Data to process ▸
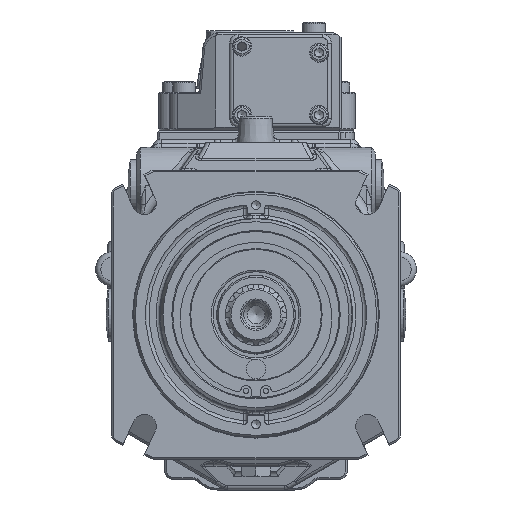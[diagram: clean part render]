
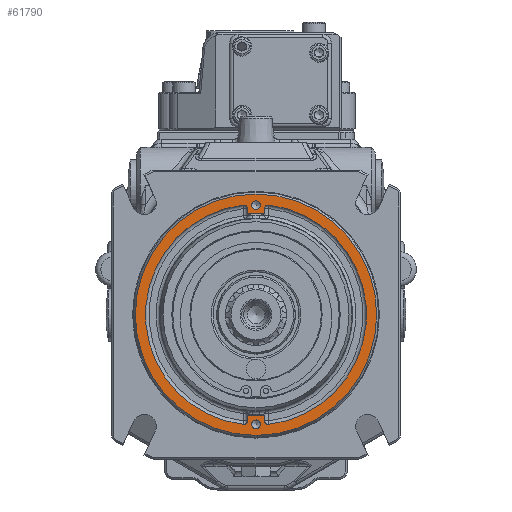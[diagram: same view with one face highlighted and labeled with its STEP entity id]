
A CAD part, front view. The second image highlights one B-rep face of the part: STEP entity #61790.
In plain terms, the highlighted planar face has unit normal (0, -1, 0).
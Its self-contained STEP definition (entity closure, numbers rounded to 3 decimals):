
#2481=FACE_BOUND('',#11678,.T.);
#2482=FACE_BOUND('',#11679,.T.);
#2483=FACE_BOUND('',#11680,.T.);
#7791=FACE_OUTER_BOUND('',#11677,.T.);
#11677=EDGE_LOOP('',(#53875));
#11678=EDGE_LOOP('',(#53876));
#11679=EDGE_LOOP('',(#53877));
#11680=EDGE_LOOP('',(#53878,#53879,#53880,#53881,#53882,#53883,#53884,#53885,
#53886,#53887,#53888,#53889));
#14734=CIRCLE('',#67578,2.459);
#14736=CIRCLE('',#67582,2.459);
#14743=CIRCLE('',#67593,68.845);
#14744=CIRCLE('',#67594,57.75);
#14745=CIRCLE('',#67595,2.);
#14746=CIRCLE('',#67596,63.);
#14747=CIRCLE('',#67597,2.);
#14748=CIRCLE('',#67598,57.75);
#14749=CIRCLE('',#67599,2.);
#14750=CIRCLE('',#67600,63.);
#14751=CIRCLE('',#67601,2.);
#19231=LINE('',#116915,#23713);
#19232=LINE('',#116919,#23714);
#19233=LINE('',#116927,#23715);
#19234=LINE('',#116931,#23716);
#23713=VECTOR('',#82833,10.);
#23714=VECTOR('',#82836,10.);
#23715=VECTOR('',#82843,10.);
#23716=VECTOR('',#82846,10.);
#29099=VERTEX_POINT('',#116855);
#29102=VERTEX_POINT('',#116864);
#29112=VERTEX_POINT('',#116911);
#29113=VERTEX_POINT('',#116913);
#29114=VERTEX_POINT('',#116914);
#29115=VERTEX_POINT('',#116916);
#29116=VERTEX_POINT('',#116918);
#29117=VERTEX_POINT('',#116920);
#29118=VERTEX_POINT('',#116922);
#29119=VERTEX_POINT('',#116924);
#29120=VERTEX_POINT('',#116926);
#29121=VERTEX_POINT('',#116928);
#29122=VERTEX_POINT('',#116930);
#29123=VERTEX_POINT('',#116932);
#29124=VERTEX_POINT('',#116934);
#37463=EDGE_CURVE('',#29099,#29099,#14734,.T.);
#37467=EDGE_CURVE('',#29102,#29102,#14736,.T.);
#37480=EDGE_CURVE('',#29112,#29112,#14743,.T.);
#37481=EDGE_CURVE('',#29113,#29114,#19231,.T.);
#37482=EDGE_CURVE('',#29115,#29113,#14744,.T.);
#37483=EDGE_CURVE('',#29115,#29116,#19232,.T.);
#37484=EDGE_CURVE('',#29116,#29117,#14745,.T.);
#37485=EDGE_CURVE('',#29117,#29118,#14746,.T.);
#37486=EDGE_CURVE('',#29119,#29118,#14747,.T.);
#37487=EDGE_CURVE('',#29119,#29120,#19233,.T.);
#37488=EDGE_CURVE('',#29121,#29120,#14748,.T.);
#37489=EDGE_CURVE('',#29122,#29121,#19234,.T.);
#37490=EDGE_CURVE('',#29122,#29123,#14749,.T.);
#37491=EDGE_CURVE('',#29124,#29123,#14750,.T.);
#37492=EDGE_CURVE('',#29114,#29124,#14751,.T.);
#53875=ORIENTED_EDGE('',*,*,#37480,.T.);
#53876=ORIENTED_EDGE('',*,*,#37463,.T.);
#53877=ORIENTED_EDGE('',*,*,#37467,.T.);
#53878=ORIENTED_EDGE('',*,*,#37481,.F.);
#53879=ORIENTED_EDGE('',*,*,#37482,.F.);
#53880=ORIENTED_EDGE('',*,*,#37483,.T.);
#53881=ORIENTED_EDGE('',*,*,#37484,.T.);
#53882=ORIENTED_EDGE('',*,*,#37485,.T.);
#53883=ORIENTED_EDGE('',*,*,#37486,.F.);
#53884=ORIENTED_EDGE('',*,*,#37487,.T.);
#53885=ORIENTED_EDGE('',*,*,#37488,.F.);
#53886=ORIENTED_EDGE('',*,*,#37489,.F.);
#53887=ORIENTED_EDGE('',*,*,#37490,.T.);
#53888=ORIENTED_EDGE('',*,*,#37491,.F.);
#53889=ORIENTED_EDGE('',*,*,#37492,.F.);
#58686=PLANE('',#67592);
#61790=ADVANCED_FACE('',(#7791,#2481,#2482,#2483),#58686,.F.);
#67578=AXIS2_PLACEMENT_3D('',#116856,#82797,#82798);
#67582=AXIS2_PLACEMENT_3D('',#116865,#82807,#82808);
#67592=AXIS2_PLACEMENT_3D('',#116910,#82829,#82830);
#67593=AXIS2_PLACEMENT_3D('',#116912,#82831,#82832);
#67594=AXIS2_PLACEMENT_3D('',#116917,#82834,#82835);
#67595=AXIS2_PLACEMENT_3D('',#116921,#82837,#82838);
#67596=AXIS2_PLACEMENT_3D('',#116923,#82839,#82840);
#67597=AXIS2_PLACEMENT_3D('',#116925,#82841,#82842);
#67598=AXIS2_PLACEMENT_3D('',#116929,#82844,#82845);
#67599=AXIS2_PLACEMENT_3D('',#116933,#82847,#82848);
#67600=AXIS2_PLACEMENT_3D('',#116935,#82849,#82850);
#67601=AXIS2_PLACEMENT_3D('',#116936,#82851,#82852);
#82797=DIRECTION('center_axis',(0.,1.,0.));
#82798=DIRECTION('ref_axis',(1.,0.,0.));
#82807=DIRECTION('center_axis',(0.,1.,0.));
#82808=DIRECTION('ref_axis',(1.,0.,0.));
#82829=DIRECTION('center_axis',(0.,1.,0.));
#82830=DIRECTION('ref_axis',(0.,0.,1.));
#82831=DIRECTION('center_axis',(0.,-1.,0.));
#82832=DIRECTION('ref_axis',(0.,0.,1.));
#82833=DIRECTION('',(0.,0.,-1.));
#82834=DIRECTION('center_axis',(0.,-1.,0.));
#82835=DIRECTION('ref_axis',(0.,0.,1.));
#82836=DIRECTION('',(0.,0.,-1.));
#82837=DIRECTION('center_axis',(0.,1.,0.));
#82838=DIRECTION('ref_axis',(1.,0.,0.));
#82839=DIRECTION('center_axis',(0.,1.,0.));
#82840=DIRECTION('ref_axis',(-1.,0.,0.));
#82841=DIRECTION('center_axis',(0.,-1.,0.));
#82842=DIRECTION('ref_axis',(1.,0.,0.));
#82843=DIRECTION('',(0.,0.,-1.));
#82844=DIRECTION('center_axis',(0.,-1.,0.));
#82845=DIRECTION('ref_axis',(0.,0.,1.));
#82846=DIRECTION('',(0.,0.,-1.));
#82847=DIRECTION('center_axis',(0.,1.,0.));
#82848=DIRECTION('ref_axis',(-1.,0.,0.));
#82849=DIRECTION('center_axis',(0.,-1.,0.));
#82850=DIRECTION('ref_axis',(1.,0.,0.));
#82851=DIRECTION('center_axis',(0.,-1.,0.));
#82852=DIRECTION('ref_axis',(-1.,0.,0.));
#116855=CARTESIAN_POINT('',(-2.459,-173.2,-62.5));
#116856=CARTESIAN_POINT('Origin',(0.,-173.2,-62.5));
#116864=CARTESIAN_POINT('',(-2.459,-173.2,62.5));
#116865=CARTESIAN_POINT('Origin',(0.,-173.2,62.5));
#116910=CARTESIAN_POINT('Origin',(0.,-173.2,63.298));
#116911=CARTESIAN_POINT('',(0.,-173.2,-68.845));
#116912=CARTESIAN_POINT('Origin',(0.,-173.2,0.));
#116913=CARTESIAN_POINT('',(5.,-173.2,-57.533));
#116914=CARTESIAN_POINT('',(5.,-173.2,-60.597));
#116915=CARTESIAN_POINT('',(5.,-173.2,5.708));
#116916=CARTESIAN_POINT('',(-5.,-173.2,-57.533));
#116917=CARTESIAN_POINT('Origin',(0.,-173.2,0.));
#116918=CARTESIAN_POINT('',(-5.,-173.2,-60.597));
#116919=CARTESIAN_POINT('',(-5.,-173.2,5.708));
#116920=CARTESIAN_POINT('',(-7.23,-173.2,-62.584));
#116921=CARTESIAN_POINT('Origin',(-7.,-173.2,-60.597));
#116922=CARTESIAN_POINT('',(-7.23,-173.2,62.584));
#116923=CARTESIAN_POINT('Origin',(0.,-173.2,0.));
#116924=CARTESIAN_POINT('',(-5.,-173.2,60.597));
#116925=CARTESIAN_POINT('Origin',(-7.,-173.2,60.597));
#116926=CARTESIAN_POINT('',(-5.,-173.2,57.533));
#116927=CARTESIAN_POINT('',(-5.,-173.2,62.292));
#116928=CARTESIAN_POINT('',(5.,-173.2,57.533));
#116929=CARTESIAN_POINT('Origin',(0.,-173.2,0.));
#116930=CARTESIAN_POINT('',(5.,-173.2,60.597));
#116931=CARTESIAN_POINT('',(5.,-173.2,62.292));
#116932=CARTESIAN_POINT('',(7.23,-173.2,62.584));
#116933=CARTESIAN_POINT('Origin',(7.,-173.2,60.597));
#116934=CARTESIAN_POINT('',(7.23,-173.2,-62.584));
#116935=CARTESIAN_POINT('Origin',(0.,-173.2,0.));
#116936=CARTESIAN_POINT('Origin',(7.,-173.2,-60.597));

Problem description ▸ Return the lines exactly as they stand, from the start of the entries through the line holding "#14745=CIRCLE('',#67595,2.);"; omit the pictures.

Solution below ▸
[diagram: clean part render]
[diagram: same view with one face highlighted and labeled with its STEP entity id]
A CAD part, front view. The second image highlights one B-rep face of the part: STEP entity #61790.
In plain terms, the highlighted planar face has unit normal (0, -1, 0).
Its self-contained STEP definition (entity closure, numbers rounded to 3 decimals):
#2481=FACE_BOUND('',#11678,.T.);
#2482=FACE_BOUND('',#11679,.T.);
#2483=FACE_BOUND('',#11680,.T.);
#7791=FACE_OUTER_BOUND('',#11677,.T.);
#11677=EDGE_LOOP('',(#53875));
#11678=EDGE_LOOP('',(#53876));
#11679=EDGE_LOOP('',(#53877));
#11680=EDGE_LOOP('',(#53878,#53879,#53880,#53881,#53882,#53883,#53884,#53885,
#53886,#53887,#53888,#53889));
#14734=CIRCLE('',#67578,2.459);
#14736=CIRCLE('',#67582,2.459);
#14743=CIRCLE('',#67593,68.845);
#14744=CIRCLE('',#67594,57.75);
#14745=CIRCLE('',#67595,2.);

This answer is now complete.